Re-Drawing Boundaries

Over a fifteen-week period Re-Drawing Boundaries will present a spectrum of recent and older works by an international selection of artists working in the emerging and often overlapping fields of Locative Media, New Media and Mapping. The exhibition aims to represent cross-pollination and progression between these works, artists and artistic territories.

In each of the three web-based narrative map works of mine to be featured in week ten of Re-Drawing Boundaries, maps operate – often simultaneously – as images, interfaces, and stand-ins for far-away places and pasts that could never be mine. My early adoption of the web as a narrative medium was due in part to my attraction to the internet as a place-less place. These web “sites” may be read as repositories for longings for belonging, for home.

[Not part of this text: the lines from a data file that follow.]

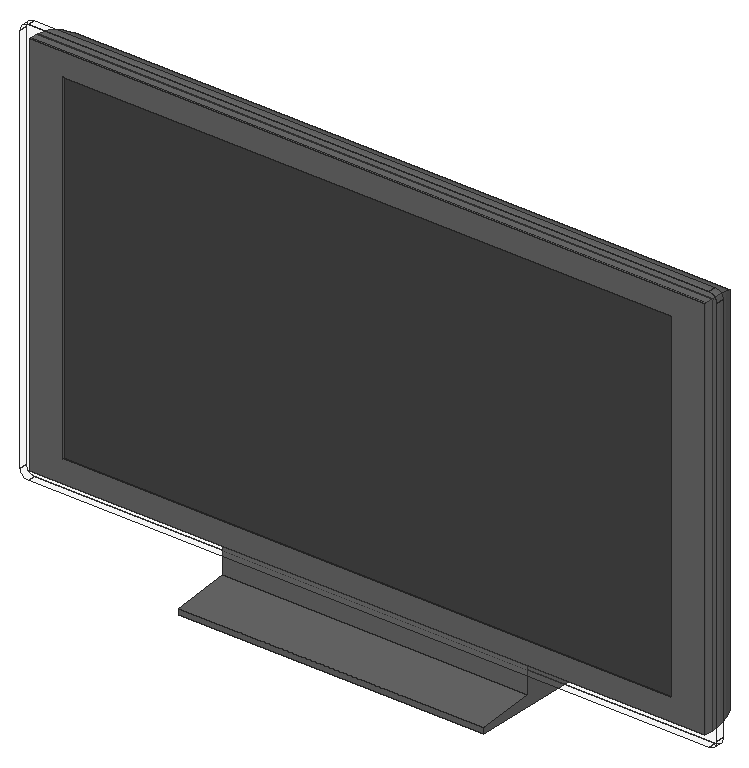
Revit family "TV", category Furniture, Revit 2021
Family settings
  Work Plane-Based = No
  Always vertical = Yes
  Cut with Voids When Loaded = No
  Shared = No
  Room Calculation Point = No
Parameters (values of type "1270mm")
  SinAng = (sin(29.36°) * 1 mm)  # 0.49 mm
  Stand [instance] = yes
  L = (Diagonal / 1 mm) * CosAng  # 1106.877 mm
  H = (Diagonal / 1 mm) * SinAng  # 622.675 mm
  Thickness = 110 mm
  Diagonal = 1270 mm
  Default Elevation = 0 mm
  CosAng = (cos(29.36°) * 1 mm)  # 0.872 mm
Reference planes
  plane 1 "Back": y = 58.539
  plane 2: z = 0
  plane 3 "Center (Left/Right)": x = -3.945
  plane 4: x = -557.383
  plane 5: x = 549.494
  plane 6: z = 120
  plane 7: z = 742.675
  plane 8: z = 431.338
  plane 9: y = -51.461
  plane 10: x = -280.664
  plane 11: x = 272.775
Forms (mm)
  Extrusion 1, solid, material "TV - Black"
    sketch origin (0, 58.539, 0) x (1, 0, 0) y (0, 0, 1)
      loop
        line (-617.383, 782.675) -> (-617.383, 80) -> (609.494, 80) -> (609.494, 782.675) -> (-617.383, 782.675)
    from 0 to 110
  Sweep 2, void
    path in 3D
      loop
        line (609.494, -51.461, 80) -> (609.494, -51.461, 782.675) -> (-617.383, -51.461, 782.675) -> (-617.383, -51.461, 80)
    profile origin (-617.383, -51.461, 431.338) x (-1, 0, 0) y (0, -1, 0)
      loop
        arc (0, 0) -> (-32.218, -77.782) -> (-110, -110) r 110
        line (-110, -110) -> (0, -110) -> (0, 0)
  Extrusion 3, solid, material "TV - Glass"
    sketch origin (1583.302, -51.461, 1200) x (1, 0, 0) y (0, 0, 1)
      loop
        arc (-2205.685, -397.325) -> (-2216.291, -401.718) -> (-2220.685, -412.325) r 15
        line (-2220.685, -412.325) -> (-2220.685, -1125)
        arc (-2220.685, -1125) -> (-2216.291, -1135.607) -> (-2205.685, -1140) r 15
        line (-2205.685, -1140) -> (-968.808, -1140)
        arc (-968.808, -1140) -> (-958.201, -1135.607) -> (-953.808, -1125) r 15
        line (-953.808, -1125) -> (-953.808, -412.325)
        arc (-953.808, -412.325) -> (-958.201, -401.718) -> (-968.808, -397.325) r 15
        line (-968.808, -397.325) -> (-2205.685, -397.325)
      loop
        line (-2200.685, -417.325) -> (-2200.685, -1120) -> (-973.808, -1120) -> (-973.808, -417.325) -> (-2200.685, -417.325)
    from 0 to 15
  Extrusion 4, solid, material "TV - Black"
    sketch origin (1583.302, -51.461, 1200) x (1, 0, 0) y (0, 0, 1)
      loop
        line (-2200.685, -417.325) -> (-2200.685, -1120) -> (-973.808, -1120) -> (-973.808, -417.325) -> (-2200.685, -417.325)
    from 0 to 18
  Extrusion 5, void
    sketch origin (1583.302, -51.461, 1200) x (-1, 0, 0) y (0, 0, 1)
      loop
        line (1033.808, -457.325) -> (1033.808, -1080) -> (2140.685, -1080) -> (2140.685, -457.325) -> (1033.808, -457.325)
    from -15 to -30
  Extrusion 6, solid, material "TV - Black", visible <- "Stand"
    sketch origin (-280.664, -1524, -186.653) x (0, 0, -1) y (0, -1, 0)
      loop
        line (-186.653, -1472.539) -> (-266.653, -1472.539) -> (-266.653, -1522.539) -> (-186.653, -1572.539) -> (-186.653, -1472.539)
    from 0 to -553.438
  Extrusion 7, solid, material "TV - Black", visible <- "Stand"
    sketch origin (-280.664, -1524, -186.653) x (0, 0, -1) y (0, -1, 0)
      loop
        line (-186.653, -1372.539) -> (-196.653, -1372.539) -> (-206.653, -1472.539) -> (-186.653, -1472.539) -> (-186.653, -1372.539)
    from 0 to -553.438
Cuts and joins
  Sweep 2, Extrusion 5 cuts Extrusion 1
  Extrusion 5 cuts Extrusion 3
  Extrusion 5 cuts Extrusion 4
  joined: Extrusion 6, Extrusion 7
Lines and regions (mm)
  sketch lines
    curve 1: line (-617.383, -51.461, 782.675) -> (-617.383, -51.461, 80)
    curve 2: line (609.494, -51.461, 782.675) -> (-617.383, -51.461, 782.675)
    curve 3: line (609.494, -51.461, 80) -> (609.494, -51.461, 782.675)
  model lines, detail levels medium+fine
    curve 4: line (-567.383, -69.461, 110) -> (-587.383, -69.461, 110)
    curve 5: line (-567.383, -69.461, 90) -> (-567.383, -69.461, 110)
    curve 6: line (-587.383, -69.461, 90) -> (-567.383, -69.461, 90)
    curve 7: line (-587.383, -69.461, 110) -> (-587.383, -69.461, 90)
Dimensions and locks
  equal spacing: plane 7, plane 8, plane 6
  "H": plane 7 to plane 6
  equal spacing: plane 5, plane 3 "Center (Left/Right)", plane 4
  "L": plane 5 to plane 4
  locked: plane 4 to Extrusion 1 sketch curve at 60
  locked: Extrusion 1 sketch curve to plane 5 at 60
  locked: Extrusion 1 sketch curve to plane 7 at 40
  locked: plane 6 to Extrusion 1 sketch curve at 40
  "Thickness": plane 9 to plane 1 "Back"
  locked: Extrusion 3 sketch curve to plane 7 at 60
  locked: plane 6 to Extrusion 3 sketch curve at 60
  locked: plane 4 to Extrusion 3 sketch curve at 80
  locked: Extrusion 3 sketch curve to plane 5 at 80
  locked: plane 4 to Extrusion 4 sketch curve at 60
  locked: Extrusion 4 sketch curve to plane 5 at 60
  locked: Extrusion 4 sketch curve to plane 7 at 40
  locked: plane 6 to Extrusion 4 sketch curve at 40
  locked: Extrusion 3 sketch curve to plane 7 at 40
  locked: plane 6 to Extrusion 3 sketch curve at 40
  locked: plane 4 to Extrusion 3 sketch curve at 60
  locked: Extrusion 3 sketch curve to plane 5 at 60
  equal spacing: plane 3 "Center (Left/Right)", plane 10, plane 4
  equal spacing: plane 5, plane 11, plane 3 "Center (Left/Right)"
  locked: Extrusion 6 sketch curve to plane 6 at 40
  locked: plane 9 to Extrusion 6 sketch curve at 100
  locked: Extrusion 7 sketch curve to plane 2 at 10
  locked: Extrusion 7 sketch curve to plane 2 at 20
  "Thickness": radius of Sweep 2 sketch curve
  aligned and locked: plane 9 to Extrusion 1
  aligned and locked: profile plane to Sweep 2 sketch curve
  aligned and locked: Sweep 2 sketch curve to plane 1 "Back"
  aligned and locked: Extrusion 5 sketch curve to plane 5
  aligned and locked: Extrusion 5 sketch curve to plane 7
  aligned and locked: plane 4 to Extrusion 5 sketch curve
  aligned and locked: Extrusion 5 sketch curve to plane 6
  aligned and locked: Extrusion 6 sketch curve to plane 9
  aligned and locked: plane 2 to Extrusion 6 sketch curve
  aligned and locked: Extrusion 6 to plane 11
  aligned and locked: Extrusion 7 to plane 11
  aligned and locked: Extrusion 7 sketch curve to plane 2
Automatic sketch dimensions
  Sweep 2 sketch curve to profile plane = 0 mm  (x3)
  Sweep 2 sketch curve to Sweep 2 sketch curve = 0 mm
  Extrusion 3 sketch curve to Extrusion 3 sketch curve = 15 mm  (x4)
  curve 6 to curve 6 = 20 mm
  curve 6 to Extrusion 4 = 10 mm
  curve 5 to curve 5 = 20 mm
  curve 4 to Extrusion 4 = 30 mm
  plane 1 "Back" to Extrusion 6 sketch curve = 60 mm
  Extrusion 7 sketch curve to plane 9 = 0 mm
  plane 9 to Extrusion 7 sketch curve = 100 mm

Mythologies of Landforms and Little Girls [1996]
http://luckysoap.com/mythologies

The Cape [2005]
http://luckysoap.com/thecape

CityFish [2010]
http://luckysoap.com/cityfish

Re-Drawing Boundaries is curated by Jeremy Hight, with senior curators Lanfranco Aceti and Christiane Paul. The selected artists are:

Kate Armstrong, Alan Bigelow, Louisa Bufardeci, Laura Beloff, J.R Carpenter, Jonah Brucker Cohen, Vuk Cosic, Fallen Fruit, Luka Frelih, Buckminster Fuller, Rolf Van Gelder, Natalie Jeremijenko, Carmin Kurasic, Paula Levine, Mez, Lize Mogel, Jason Nelson, Christian Nold, Esther Polak, Proboscis, Kate Pullinger, Carlo Ratti, Douglas Repetto, Teri Rueb, Stanza, Jen Southern, Kai Syng Tan, Jeffrey Valance, Sarah Willams, Jeremy Wood, Tim Wright.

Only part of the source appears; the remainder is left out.